▸ Task brief
Scan the records below. List lines holding "every".

▸ The data
■ ■ ■
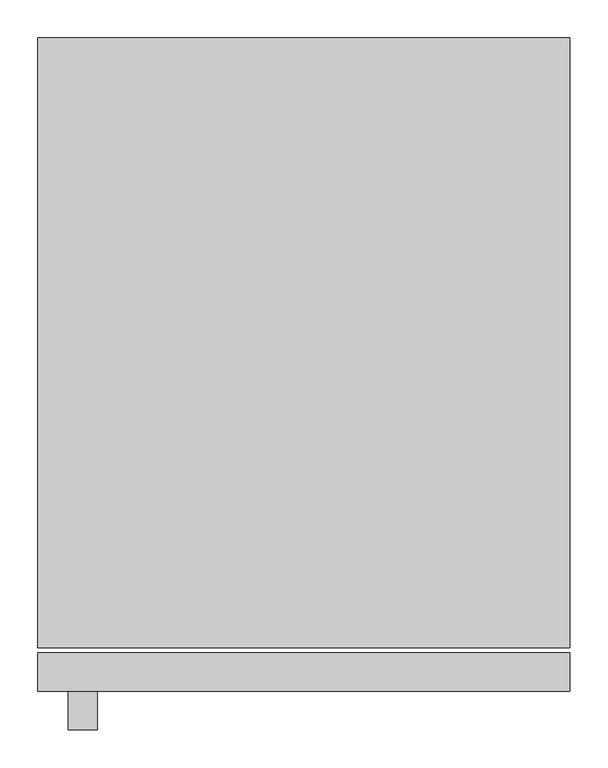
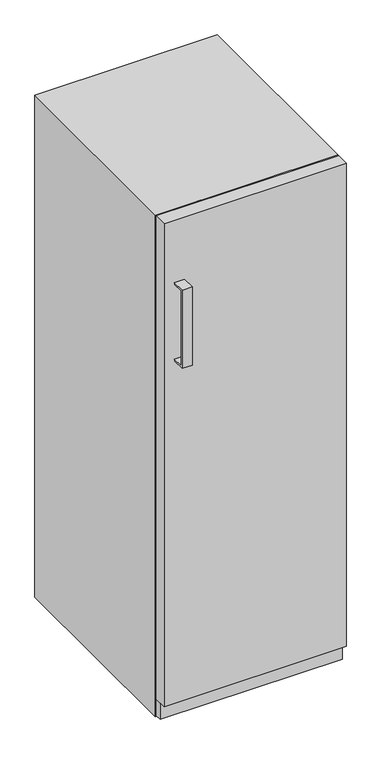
"""IFC4 building model written with IfcOpenShell, lengths in millimetres: proxy geometry, Congélateur - Vertical : 750 mm x 1800 mm."""

import ifcopenshell
import ifcopenshell.guid

model = None  # the IFC model being written
_history = None  # IfcOwnerHistory: only IFC2X3 demands one
_inside = {}  # id of a spatial element -> (the spatial element, [elements in it])
_under = {}  # id of a project, library or spatial element -> (it, [spatial elements below it])
_declared = {}  # id of a project -> (the project, [libraries it declares])
_typed = {}  # id of a type object -> (the type object, [elements of that type])
_made_of = {}  # id of a material, layer set ... -> (it, [elements and type objects made of it])


def new_model(schema):
    """Start an empty IFC model of exactly this schema.

    Asked for "IFC4X3", IfcOpenShell would pick the latest addendum, in which some entities
    have other attributes; the version numbers below select the first issue.
    IFC2X3 requires an IfcOwnerHistory on every rooted entity: one is made here for all.
    """
    global model, _history
    if schema == "IFC4X3":
        model = ifcopenshell.file(schema_version=(4, 3, 0, 0))
    else:
        model = ifcopenshell.file(schema=schema)
    _inside.clear()
    _under.clear()
    _declared.clear()
    _typed.clear()
    _made_of.clear()
    _history = None
    if model.schema == "IFC2X3":
        org = make("IfcOrganization", Name="unknown")
        user = make(
            "IfcPersonAndOrganization",
            ThePerson=make("IfcPerson", FamilyName="unknown"),
            TheOrganization=org,
        )
        app = make(
            "IfcApplication",
            ApplicationDeveloper=org,
            Version="unknown",
            ApplicationFullName="unknown",
            ApplicationIdentifier="unknown",
        )
        _history = make(
            "IfcOwnerHistory",
            OwningUser=user,
            OwningApplication=app,
            ChangeAction="ADDED",
            CreationDate=0,
        )
    return model


def make(cls, **values):
    """One entity of the class cls with the attributes given. An attribute that is None is left unset."""
    return model.create_entity(
        cls, **{name: value for name, value in values.items() if value is not None}
    )


def rooted(cls, **values):
    """An entity with a GlobalId (a new one), such as an element, a storey or a relation."""
    return make(cls, GlobalId=ifcopenshell.guid.new(), OwnerHistory=_history, **values)


def si_unit(unit_type, name, prefix=None):
    """IfcSIUnit, for example si_unit("LENGTHUNIT", "METRE", prefix="MILLI")."""
    return make("IfcSIUnit", UnitType=unit_type, Prefix=prefix, Name=name)


def assignment(units):
    """IfcUnitAssignment: the units of a project."""
    return None if units is None else make("IfcUnitAssignment", Units=units)


def point(xyz):
    """IfcCartesianPoint."""
    return None if xyz is None else make("IfcCartesianPoint", Coordinates=xyz)


def direction(xyz):
    """IfcDirection."""
    return None if xyz is None else make("IfcDirection", DirectionRatios=xyz)


def frame(location, z_axis=None, x_axis=None):
    """IfcAxis2Placement3D, a coordinate frame: its origin and axes. An axis left out is left unset."""
    return make(
        "IfcAxis2Placement3D",
        Location=point(location),
        Axis=direction(z_axis),
        RefDirection=direction(x_axis),
    )


def origin():
    """The frame at (0, 0, 0) with its axes left unset."""
    return frame((0.0, 0.0, 0.0))


def origin_with_axes():
    """The frame at (0, 0, 0) with the z axis (0, 0, 1) and the x axis (1, 0, 0) written out."""
    return frame((0.0, 0.0, 0.0), z_axis=(0.0, 0.0, 1.0), x_axis=(1.0, 0.0, 0.0))


def place(relative_to, where):
    """IfcLocalPlacement: puts the frame where relative to a parent placement (None: the world)."""
    return make(
        "IfcLocalPlacement", PlacementRelTo=relative_to, RelativePlacement=where
    )


def context(
    kind, dimensions, precision=None, world=None, true_north=None, identifier=None
):
    """IfcGeometricRepresentationContext, for example the 3D "Model" context."""
    return make(
        "IfcGeometricRepresentationContext",
        ContextIdentifier=identifier,
        ContextType=kind,
        CoordinateSpaceDimension=dimensions,
        Precision=precision,
        WorldCoordinateSystem=world,
        TrueNorth=true_north,
    )


def project(units=None, contexts=None):
    """IfcProject with its units and contexts."""
    return rooted(
        "IfcProject",
        Name="project",
        RepresentationContexts=contexts,
        UnitsInContext=assignment(units),
    )


def spatial(cls, under=None, at=None, **own):
    """A site, building, storey or space (cls), placed at a placement, below another one or the project."""
    s = rooted(cls, ObjectPlacement=at, **own)
    if under is not None:
        _under.setdefault(under.id(), (under, []))[1].append(s)
    return s


def polyline(points):
    """IfcPolyline through the points."""
    return make("IfcPolyline", Points=[point(p) for p in points])


def outline(outer, holes=None, kind="AREA"):
    """IfcArbitraryClosedProfileDef: a profile drawn as a closed curve; with holes, ...WithVoids."""
    if holes is None:
        return make("IfcArbitraryClosedProfileDef", ProfileType=kind, OuterCurve=outer)
    return make(
        "IfcArbitraryProfileDefWithVoids",
        ProfileType=kind,
        OuterCurve=outer,
        InnerCurves=holes,
    )


def extrude(swept, where, along, depth):
    """IfcExtrudedAreaSolid: the profile swept, set in the frame where, extruded along a direction by depth."""
    return make(
        "IfcExtrudedAreaSolid",
        SweptArea=swept,
        Position=where,
        ExtrudedDirection=direction(along),
        Depth=depth,
    )


def shape(context_of_items, identifier, shape_type, items):
    """IfcShapeRepresentation: the items that make up one representation, for example the "Body"."""
    return make(
        "IfcShapeRepresentation",
        ContextOfItems=context_of_items,
        RepresentationIdentifier=identifier,
        RepresentationType=shape_type,
        Items=items,
    )


def source(mapping_origin, context_of_items, identifier, shape_type, items):
    """IfcRepresentationMap: a shape defined once, which mapped items show again and again."""
    return make(
        "IfcRepresentationMap",
        MappingOrigin=mapping_origin,
        MappedRepresentation=shape(context_of_items, identifier, shape_type, items),
    )


def transform(
    local_origin,
    x_axis=None,
    y_axis=None,
    z_axis=None,
    scale=None,
    scale2=None,
    scale3=None,
    uniform=True,
):
    """IfcCartesianTransformationOperator3D, or its non-uniform kind. x_axis, y_axis, z_axis: its Axis1, 2, 3."""
    if uniform:
        return make(
            "IfcCartesianTransformationOperator3D",
            Axis1=direction(x_axis),
            Axis2=direction(y_axis),
            LocalOrigin=point(local_origin),
            Scale=scale,
            Axis3=direction(z_axis),
        )
    return make(
        "IfcCartesianTransformationOperator3DnonUniform",
        Axis1=direction(x_axis),
        Axis2=direction(y_axis),
        LocalOrigin=point(local_origin),
        Scale=scale,
        Axis3=direction(z_axis),
        Scale2=scale2,
        Scale3=scale3,
    )


def mapped(mapping_source, mapping_target):
    """IfcMappedItem: shows the shape of a source again, moved by a transform."""
    return make(
        "IfcMappedItem", MappingSource=mapping_source, MappingTarget=mapping_target
    )


def made_of(thing, what):
    """Note that an element or type object is made of a material, layer set ...; save() writes the relation."""
    if what is not None:
        _made_of.setdefault(what.id(), (what, []))[1].append(thing)
    return thing


def element(
    cls,
    number,
    at=None,
    inside=None,
    cuts=None,
    type_object=None,
    material=None,
    context=None,
    identifier="Body",
    shape_type=None,
    held_by="IfcProductDefinitionShape",
    body=None,
    shapes=None,
    **own,
):
    """One element of the class cls, such as IfcWall. Its Tag is "e" and its number.

    at: its placement. inside: the storey or other place that contains it. cuts: it is an
    opening in that element (IfcRelVoidsElement). A single representation is given by context,
    identifier, shape_type and body (its items); several are given by shapes. held_by: the class
    of the entity that holds the representations. save() writes the other relations.
    """
    e = rooted(cls, Tag="e%d" % number, ObjectPlacement=at, **own)
    if body is not None:
        shapes = [shape(context, identifier, shape_type, body)]
    if shapes is not None:
        e.Representation = make(held_by, Representations=shapes)
    if inside is not None:
        _inside.setdefault(inside.id(), (inside, []))[1].append(e)
    if cuts is not None:
        rooted(
            "IfcRelVoidsElement", RelatingBuildingElement=cuts, RelatedOpeningElement=e
        )
    if type_object is not None:
        _typed.setdefault(type_object.id(), (type_object, []))[1].append(e)
    return made_of(e, material)


def aggregate(whole, parts):
    """IfcRelAggregates: a whole, such as a stair, and the parts it consists of."""
    return rooted("IfcRelAggregates", RelatingObject=whole, RelatedObjects=parts)


def save(model, path):
    """Write the relations noted so far, then the file.

    IfcRelAggregates (storeys below a building ...), IfcRelContainedInSpatialStructure (elements
    in a storey), IfcRelDefinesByType, IfcRelAssociatesMaterial and IfcRelDeclares: one each for
    every whole, place, type object, material and project.
    """
    for whole, parts in _under.values():
        aggregate(whole, parts)
    for where, things in _inside.values():
        rooted(
            "IfcRelContainedInSpatialStructure",
            RelatedElements=things,
            RelatingStructure=where,
        )
    for kind, things in _typed.values():
        rooted("IfcRelDefinesByType", RelatedObjects=things, RelatingType=kind)
    for what, things in _made_of.values():
        rooted("IfcRelAssociatesMaterial", RelatedObjects=things, RelatingMaterial=what)
    for by, libraries in _declared.values():
        rooted("IfcRelDeclares", RelatingContext=by, RelatedDefinitions=libraries)
    model.write(path)


def specialty_equipment_6072f91d(model_context):
    return source(origin(), model_context, "Body", "SweptSolid", [
        extrude(outline(polyline([(-444.6760285, 1779.65), (-489.1260285, 1779.65), (-489.1260285, 1474.85), (-444.6760285, 1474.85), (-444.6760285, 1468.5154683), (-495.4760285, 1468.5154683), (-495.4760285, 1786.0), (-444.6760285, 1786.0), (-444.6760285, 1779.65)])), frame((-310.0, 0.0, 0.0), z_axis=(1.0, 0.0, 0.0), x_axis=(0.0, 1.0, 0.0)), (0.0, 0.0, 1.0), 38.1),
        extrude(outline(polyline([(350.0, 415.3239715), (350.0, -387.5260285), (-350.0, -387.5260285), (-350.0, 415.3239715), (350.0, 415.3239715)])), origin_with_axes(), (0.0, 0.0, 1.0), 2040.0),
        extrude(outline(polyline([(350.0, -393.8760285), (350.0, -419.2760285), (-350.0, -419.2760285), (-350.0, -393.8760285), (350.0, -393.8760285)])), frame((0.0, 0.0, 9.3816357), z_axis=(0.0, 0.0, 1.0), x_axis=(1.0, 0.0, 0.0)), (0.0, 0.0, 1.0), 63.5),
        extrude(outline(polyline([(350.0, -393.8760285), (350.0, -444.6760285), (-350.0, -444.6760285), (-350.0, -393.8760285), (350.0, -393.8760285)])), frame((0.0, 0.0, 76.2), z_axis=(0.0, 0.0, 1.0), x_axis=(1.0, 0.0, 0.0)), (0.0, 0.0, 1.0), 1963.8),
    ])


if __name__ == "__main__":
    model = new_model("IFC4")
    model_context = context("Model", 3, world=origin())
    ifc_project = project(units=[si_unit("LENGTHUNIT", "METRE", prefix="MILLI")], contexts=[model_context])
    site = spatial("IfcSite", under=ifc_project)
    building = spatial("IfcBuilding", under=site)
    placement = place(None, origin())
    specialty_equipment_shape = specialty_equipment_6072f91d(model_context)
    element("IfcBuildingElementProxy", 1, Name="Congélateur - Vertical : 750 mm x 1800 mm", ObjectType="Congélateur - Vertical : 750 mm x 1800 mm", at=placement, inside=building, context=model_context, shape_type="MappedRepresentation", body=[
        mapped(specialty_equipment_shape, transform((0.0, 0.0, 0.0), x_axis=(1.0, 0.0, 0.0), y_axis=(0.0, 1.0, 0.0), z_axis=(0.0, 0.0, 1.0))),
    ])
    save(model, "model.ifc")
■ ■ ■
▸ Written answer
    IFC2X3 requires an IfcOwnerHistory on every rooted entity: one is made here for all.
    every whole, place, type object, material and project.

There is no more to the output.